# Terry Camper wheels



## bonnycolton (Aug 29, 2010)

We have a 1959 Terry Camper and the wheels that are on it are not the correct size.

We thought we bought the right ones but the lug pattern does not fit.  Anyone know what actually is suppose to be on her?  Thanks from Colorado!


----------



## Bounder Boy (Aug 30, 2010)

Re: Terry Camper wheels

Hmmmm, You mention that the current are not correct. What makes you say that? Also the current lug pattern fits, but your replacement does not.  Little puzzled. are you talking about the rims or the tires?
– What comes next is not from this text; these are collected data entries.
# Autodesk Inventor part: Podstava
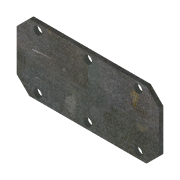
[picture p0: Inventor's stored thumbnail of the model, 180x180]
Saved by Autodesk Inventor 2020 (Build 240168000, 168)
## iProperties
Created: 2025-03
Part Number: Podstava
Material: Ocel
Document SubType Name: Modeling
Designer: doma
Density: 7.85 g/cm^3
Appearance: Plech
Mass: 560.441 g
Surface Area: 320.243 cm^2
Volume: 71.3938 cm^3
Author: doma
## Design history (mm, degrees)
sketch "Náčrt1"
  geometry: L1 (-85, -40)-(85, -40); L2 (85, -40)-(85, 40); L3 (85, 40)-(-85, 40); L4 (-85, 40)-(-85, -40); L5 (-85, -40)-(85, 40); L6 (85, -40)-(-85, 40); L7 (60, 33.5)-(-85, 33.5); L8 (-85, 0)-(-153.032, 0); C1 r 5 at (60, 33.5); C2 r 5 at (0, 33.5); C3 r 5 at (-60, 33.5); C4 r 5 at (-60, -33.5); C5 r 5 at (0, -33.5); C6 r 5 at (60, -33.5); 1 further point
  constraints: 16 end point, 6 centre point, 3 midpoint, 3 point on line, 3 symmetric about line, 2 horizontal, 2 parallel, 2 perpendicular, 3 other
  dimensions: "d0" = 170 distance of L3.end L2.end; "d1" = 80 distance of L2.end L1.end; "d5" = 10 diameter of C1; "d7" = 10 diameter of C2; "d8" = 10 diameter of C3; "d9" = 60 distance of L7.start C2.centre; "d11" = 33.5 vertical distance of point (0, 0) L7.start; "d17" = 60 distance of C2.centre C3.centre; "d18" = 25 distance from line of L2 L7.start
extrude "Vysunutí1" new body sketch "Náčrt1" distance "d12" = 5; taper "d13" = 0 deg
chamfer "Zkosení1" distance "d14" = 15; stored, may be unused: second distance "d15" = 2, angle "d16" = 45 deg
node "Těleso1"
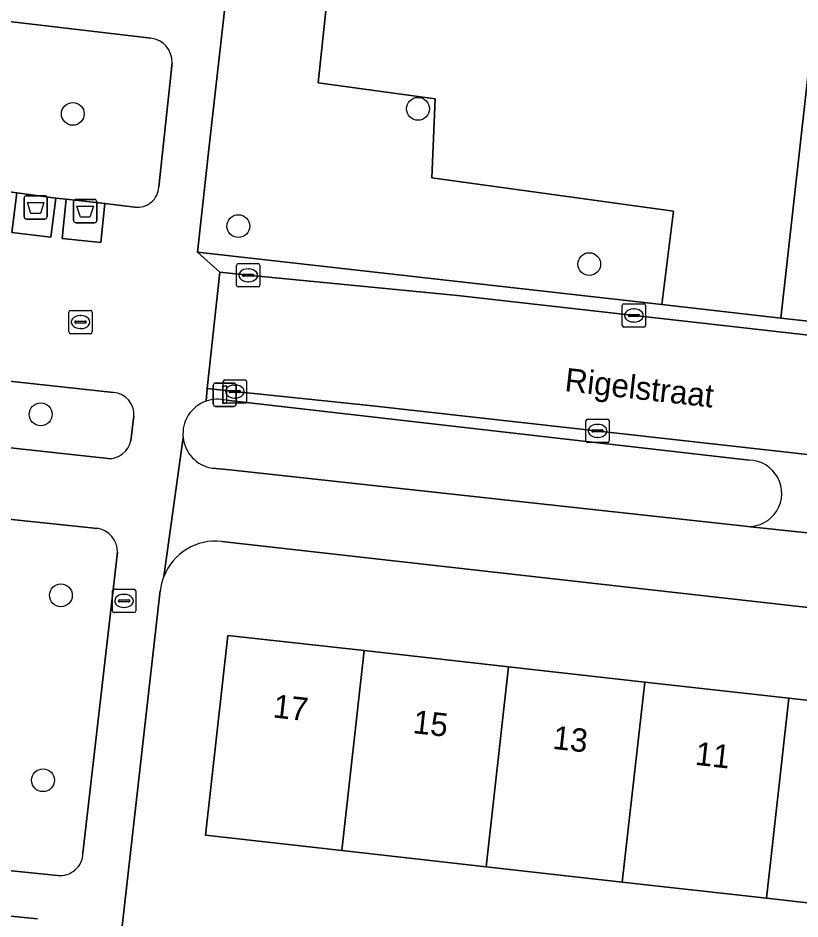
# Model space of a CAD drawing. Extents: x 161928 to 163071, y 386474 to 387428.
# Drawn here: x 162089.79 to 162123.29, y 386856.66 to 386895.27 of the extents above; entities that cross this region are included whole.
import ezdxf

# ---------------------------------------------------------------- set-up
doc = ezdxf.new("R2010")
doc.units = 0
for name, color, linetype in [('IMGEO_Afval_apart_plaats', 7, 'Continuous'), ('IMGEO_Boom', 7, 'Continuous'), ('IMGEO_Brandkraan', 7, 'Continuous'), ('IMGEO_Erf', 7, 'Continuous'), ('IMGEO_Groenvoorziening', 7, 'Continuous'), ('IMGEO_Kolk', 7, 'Continuous'), ('IMGEO_Lichtmast', 7, 'Continuous'), ('IMGEO_Openbare_ruimte_label', 7, 'Continuous'), ('IMGEO_Pand', 7, 'Continuous'), ('IMGEO_Pand_nummerreeks', 7, 'Continuous'), ('IMGEO_Parkeervlak_open', 7, 'Continuous'), ('IMGEO_Rijbaan_lokaal_open', 7, 'Continuous'), ('IMGEO_Voetpad_gesloten', 7, 'Continuous'), ('IMGEO_Voetpad_open', 7, 'Continuous')]:
    doc.layers.add(name, color=color, linetype=linetype)

msp = doc.modelspace()

# ---------------------------------------------------------------- linework, layer by layer
at = {"layer": 'IMGEO_Afval_apart_plaats'}
for p, q in [((162090.152, 386887.655), (162090.942, 386887.655)), ((162090.942, 386887.655), (162090.152, 386887.655)), ((162090.052, 386886.755), (162090.052, 386887.555)), ((162090.052, 386887.555), (162090.052, 386886.755)), ((162091.042, 386887.555), (162091.042, 386886.755)), ((162091.042, 386886.755), (162091.042, 386887.555)), ((162092.177, 386886.595), (162092.177, 386887.395)), ((162092.177, 386887.395), (162092.177, 386886.595)), ((162092.277, 386887.495), (162093.067, 386887.495)), ((162093.067, 386887.495), (162092.277, 386887.495)), ((162093.167, 386887.395), (162093.167, 386886.595)), ((162093.167, 386886.595), (162093.167, 386887.395)), ((162090.942, 386886.655), (162090.152, 386886.655)), ((162090.152, 386886.655), (162090.942, 386886.655)), ((162093.067, 386886.495), (162092.277, 386886.495)), ((162092.277, 386886.495), (162093.067, 386886.495))]:
    msp.add_line(p, q, dxfattribs=at)
for points in [[(162090.195, 386887.369), (162090.899, 386887.369), (162090.75, 386886.899), (162090.344, 386886.899), (162090.195, 386887.369)], [(162092.32, 386887.209), (162093.024, 386887.209), (162092.875, 386886.739), (162092.469, 386886.739), (162092.32, 386887.209)]]:
    msp.add_lwpolyline(points, dxfattribs=at)
for centre, start, end in [((162090.152, 386887.555), 90, 180), ((162090.152, 386887.555), 90, 180), ((162090.942, 386887.555), 0, 90), ((162090.942, 386887.555), 360, 90), ((162092.277, 386887.395), 90, 180), ((162092.277, 386887.395), 90, 180), ((162093.067, 386887.395), 0, 90), ((162093.067, 386887.395), 360, 90), ((162090.152, 386886.755), 180, 270), ((162090.152, 386886.755), 180, 270), ((162090.942, 386886.755), 270, 0), ((162090.942, 386886.755), 270, 0), ((162092.277, 386886.595), 180, 270), ((162092.277, 386886.595), 180, 270), ((162093.067, 386886.595), 270, 0), ((162093.067, 386886.595), 270, 0)]:
    msp.add_arc(centre, 0.1, start, end, dxfattribs=at)
at = {"layer": 'IMGEO_Boom'}
for centre in [(162106.929, 386891.379), (162092.141, 386891.163), (162099.233, 386886.351), (162114.266, 386884.723), (162090.766, 386878.286), (162091.629, 386870.53), (162090.864, 386862.606)]:
    msp.add_circle(centre, 0.489, dxfattribs=at)
at = {"layer": 'IMGEO_Brandkraan'}
for p, q in [((162093.835, 386869.864), (162093.835, 386870.716)), ((162093.91, 386870.79), (162094.762, 386870.79)), ((162094.323, 386870.57), (162094.348, 386870.57)), ((162094.836, 386870.716), (162094.836, 386869.864)), ((162094.094, 386870.284), (162094.094, 386870.296)), ((162094.532, 386870.247), (162094.134, 386870.247)), ((162094.137, 386870.333), (162094.535, 386870.333)), ((162094.578, 386870.296), (162094.578, 386870.284)), ((162094.346, 386870.01), (162094.321, 386870.01)), ((162094.762, 386869.79), (162093.91, 386869.79))]:
    msp.add_line(p, q, dxfattribs=at)
for points in [[(162093.835, 386869.864), (162093.835, 386870.716)], [(162093.91, 386870.79), (162094.762, 386870.79)], [(162094.836, 386870.716), (162094.836, 386869.864)], [(162094.762, 386869.79), (162093.91, 386869.79)]]:
    msp.add_lwpolyline(points, dxfattribs=at)
for centre, radius, start, end in [((162093.912, 386870.714), 0.0765, 91.552, 178.448), ((162093.912, 386870.714), 0.0765, 91.552, 178.448), ((162094.76, 386870.714), 0.0765, 1.552, 88.448), ((162094.76, 386870.714), 0.0765, 1.552, 88.448), ((162094.134, 386870.293), 0.0403, 85.8775, 175.7526), ((162094.131, 386870.283), 0.0366, 178.938, 274.7102), ((162094.535, 386870.29), 0.043, 264.8664, 352.4533), ((162094.539, 386870.295), 0.0386, 1.7309, 96.639), ((162093.912, 386869.866), 0.0765, 181.552, 268.448), ((162093.912, 386869.866), 0.0765, 181.552, 268.448), ((162094.76, 386869.866), 0.0765, 271.552, 358.448), ((162094.76, 386869.866), 0.0765, 271.552, 358.448)]:
    msp.add_arc(centre, radius, start, end, dxfattribs=at)
for centre, major_axis, ratio, start_param, end_param in [((162094.322, 386870.29), (-0.387, 0.002), 0.722429, 4.712389, 7.853982), ((162094.347, 386870.29), (-0.39, 0.002), 0.717154, 1.570796, 4.712389)]:
    msp.add_ellipse(centre, major_axis=major_axis, ratio=ratio, start_param=start_param, end_param=end_param, dxfattribs=at)
at = {"layer": 'IMGEO_Erf'}
for points in [[(162154.85, 386866.488), (162098.526, 386872.838)], [(162095.89, 386870.733), (162093.586, 386850.424), (162103.999, 386849.243), (162104.273, 386851.973), (162109.039, 386851.496), (162114.238, 386850.974), (162113.968, 386848.281), (162115.579, 386848.12), (162115.42, 386846.626), (162113.747, 386846.805), (162113.411, 386843.657), (162108.186, 386844.214), (162103.812, 386844.68), (162104.152, 386847.876), (162101.178, 386848.193), (162100.878, 386845.559), (162096.111, 386846.102), (162095.376, 386838.682), (162101.521, 386837.997), (162107.523, 386837.329), (162113.432, 386836.67), (162119.351, 386836.011), (162125.329, 386835.345)], [(162151.734, 386854.186), (162145.677, 386854.867), (162139.524, 386855.559), (162133.579, 386856.227), (162127.731, 386856.885), (162121.856, 386857.546), (162115.68, 386858.24), (162109.845, 386858.896), (162103.662, 386859.592), (162097.824, 386860.248), (162098.786, 386868.814), (162104.624, 386868.159), (162110.807, 386867.465), (162116.642, 386866.809), (162122.818, 386866.116), (162128.694, 386865.457), (162134.542, 386864.8), (162140.487, 386864.133), (162146.64, 386863.442), (162152.697, 386862.762), (162156.622, 386862.323), (162156.814, 386864.022)]]:
    msp.add_lwpolyline(points, dxfattribs=at)
for centre, radius, start, end in [((162098.259, 386870.469), 2.384, 83.5771, 158.6009), ((162098.249, 386870.471), 2.373, 158.5401, 173.6545)]:
    msp.add_arc(centre, radius, start, end, dxfattribs=at)
at = {"layer": 'IMGEO_Groenvoorziening'}
for points in [[(162124.115, 386897.125), (162124.371, 386899.169), (162124.713, 386901.768), (162124.945, 386903.531), (162126.97, 386903.362), (162127.276, 386905.919), (162127.685, 386909.558), (162125.661, 386909.778), (162104.628, 386912.06), (162106.651, 386930.715), (162107.583, 386930.614), (162108.784, 386940.868), (162103.8, 386941.487), (162099.956, 386907.286), (162104.146, 386906.641), (162102.651, 386892.496), (162107.668, 386891.801), (162107.524, 386888.417), (162117.878, 386886.991), (162117.382, 386882.988), (162122.47, 386882.414)], [(162099.801, 386905.909), (162098.584, 386895.081), (162098.003, 386889.912), (162097.477, 386885.236), (162117.382, 386882.988), (162117.878, 386886.991), (162107.524, 386888.417), (162107.668, 386891.801), (162102.651, 386892.496), (162104.146, 386906.641), (162099.956, 386907.286)], [(162125.347, 386896.927), (162126.226, 386896.855), (162126.494, 386898.944), (162124.371, 386899.169), (162124.115, 386897.125), (162122.47, 386882.414), (162123.771, 386882.267)]]:
    msp.add_lwpolyline(points, close=True, dxfattribs=at)
for points in [[(162088.564, 386895.224), (162087.786, 386888.057), (162089.742, 386887.772), (162091.415, 386887.555), (162091.85, 386887.504), (162093.517, 386887.319), (162094.8, 386887.169)], [(162095.479, 386894.402), (162088.564, 386895.224)], [(162095.826, 386888.035), (162096.393, 386893.355)], [(162086.915, 386879.984), (162086.715, 386878.398), (162086.574, 386877.16), (162093.649, 386876.392)], [(162093.883, 386879.229), (162086.915, 386879.984)], [(162121.116, 386876.319), (162098.714, 386878.889)], [(162094.624, 386877.151), (162094.756, 386878.22)], [(162098.107, 386875.983), (162098.861, 386875.901), (162120.945, 386873.488), (162121.04, 386873.481)], [(162093.197, 386873.401), (162086.247, 386874.125), (162084.603, 386859.23), (162091.479, 386858.53)], [(162092.575, 386859.483), (162094.05, 386872.38)]]:
    msp.add_lwpolyline(points, dxfattribs=at)
for centre, radius, start, end in [((162095.369, 386893.383), 1.025, 358.414, 83.826), ((162094.916, 386888.073), 0.911, 262.6987, 357.6336), ((162093.804, 386878.278), 0.954, 356.5068, 85.2268), ((162098.343, 386877.451), 1.484, 109.351, 186.0645), ((162098.345, 386877.447), 1.488, 75.6517, 109.3908), ((162093.684, 386877.352), 0.961, 267.8829, 347.9158), ((162098.345, 386877.45), 1.486, 186.0234, 260.7881), ((162121.095, 386874.9), 1.42, 267.7809, 89.1512), ((162093.043, 386872.405), 1.008, 358.5718, 81.1828), ((162091.598, 386859.5), 0.977, 263.0077, 359.0079)]:
    msp.add_arc(centre, radius, start, end, dxfattribs=at)
at = {"layer": 'IMGEO_Kolk'}
for p, q in [((162099.158, 386883.818), (162099.158, 386884.67)), ((162099.233, 386884.744), (162100.085, 386884.744)), ((162099.646, 386884.524), (162099.671, 386884.524)), ((162100.159, 386884.67), (162100.159, 386883.818)), ((162099.417, 386884.238), (162099.417, 386884.25)), ((162099.855, 386884.201), (162099.457, 386884.201)), ((162099.46, 386884.287), (162099.858, 386884.287)), ((162099.901, 386884.25), (162099.901, 386884.238)), ((162100.085, 386883.744), (162099.233, 386883.744)), ((162099.669, 386883.964), (162099.644, 386883.964)), ((162115.68, 386882.097), (162115.68, 386882.949)), ((162115.755, 386883.023), (162116.607, 386883.023)), ((162116.681, 386882.949), (162116.681, 386882.097)), ((162091.97, 386881.816), (162091.97, 386882.668)), ((162092.045, 386882.742), (162092.897, 386882.742)), ((162092.971, 386882.668), (162092.971, 386881.816)), ((162115.982, 386882.566), (162116.38, 386882.566)), ((162116.168, 386882.803), (162116.193, 386882.803)), ((162092.229, 386882.236), (162092.229, 386882.248)), ((162092.667, 386882.199), (162092.269, 386882.199)), ((162092.272, 386882.285), (162092.67, 386882.285)), ((162092.458, 386882.522), (162092.483, 386882.522)), ((162092.713, 386882.248), (162092.713, 386882.236)), ((162115.939, 386882.517), (162115.939, 386882.529)), ((162116.377, 386882.48), (162115.979, 386882.48)), ((162116.191, 386882.243), (162116.166, 386882.243)), ((162116.423, 386882.529), (162116.423, 386882.517)), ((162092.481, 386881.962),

What made you think the current are not correct. You must have been told by someone or have other information.  Please fill us in more....


----------



## H2H1 (Aug 30, 2010)

Re: Terry Camper wheels

well if the new ones don't fit , someone sold you the wrong one. Go back where you got them and tell them they are the wrong one. Also take it to a reputable dealer and have him to look at it and get the right size.


----------



## Grandview Trailer Sa (Aug 31, 2010)

Re: Terry Camper wheels

I can almost be certain that wheels for a 1959 camper are not being made today.  They had different ideas back then.  A lot of times new hubs will actually fit the older axles and then a new wheel can be purchased.  

Take it, if you can, to a guy who has been in the trailer business as long as I have, and I bet you can find a combination to make it work.


----------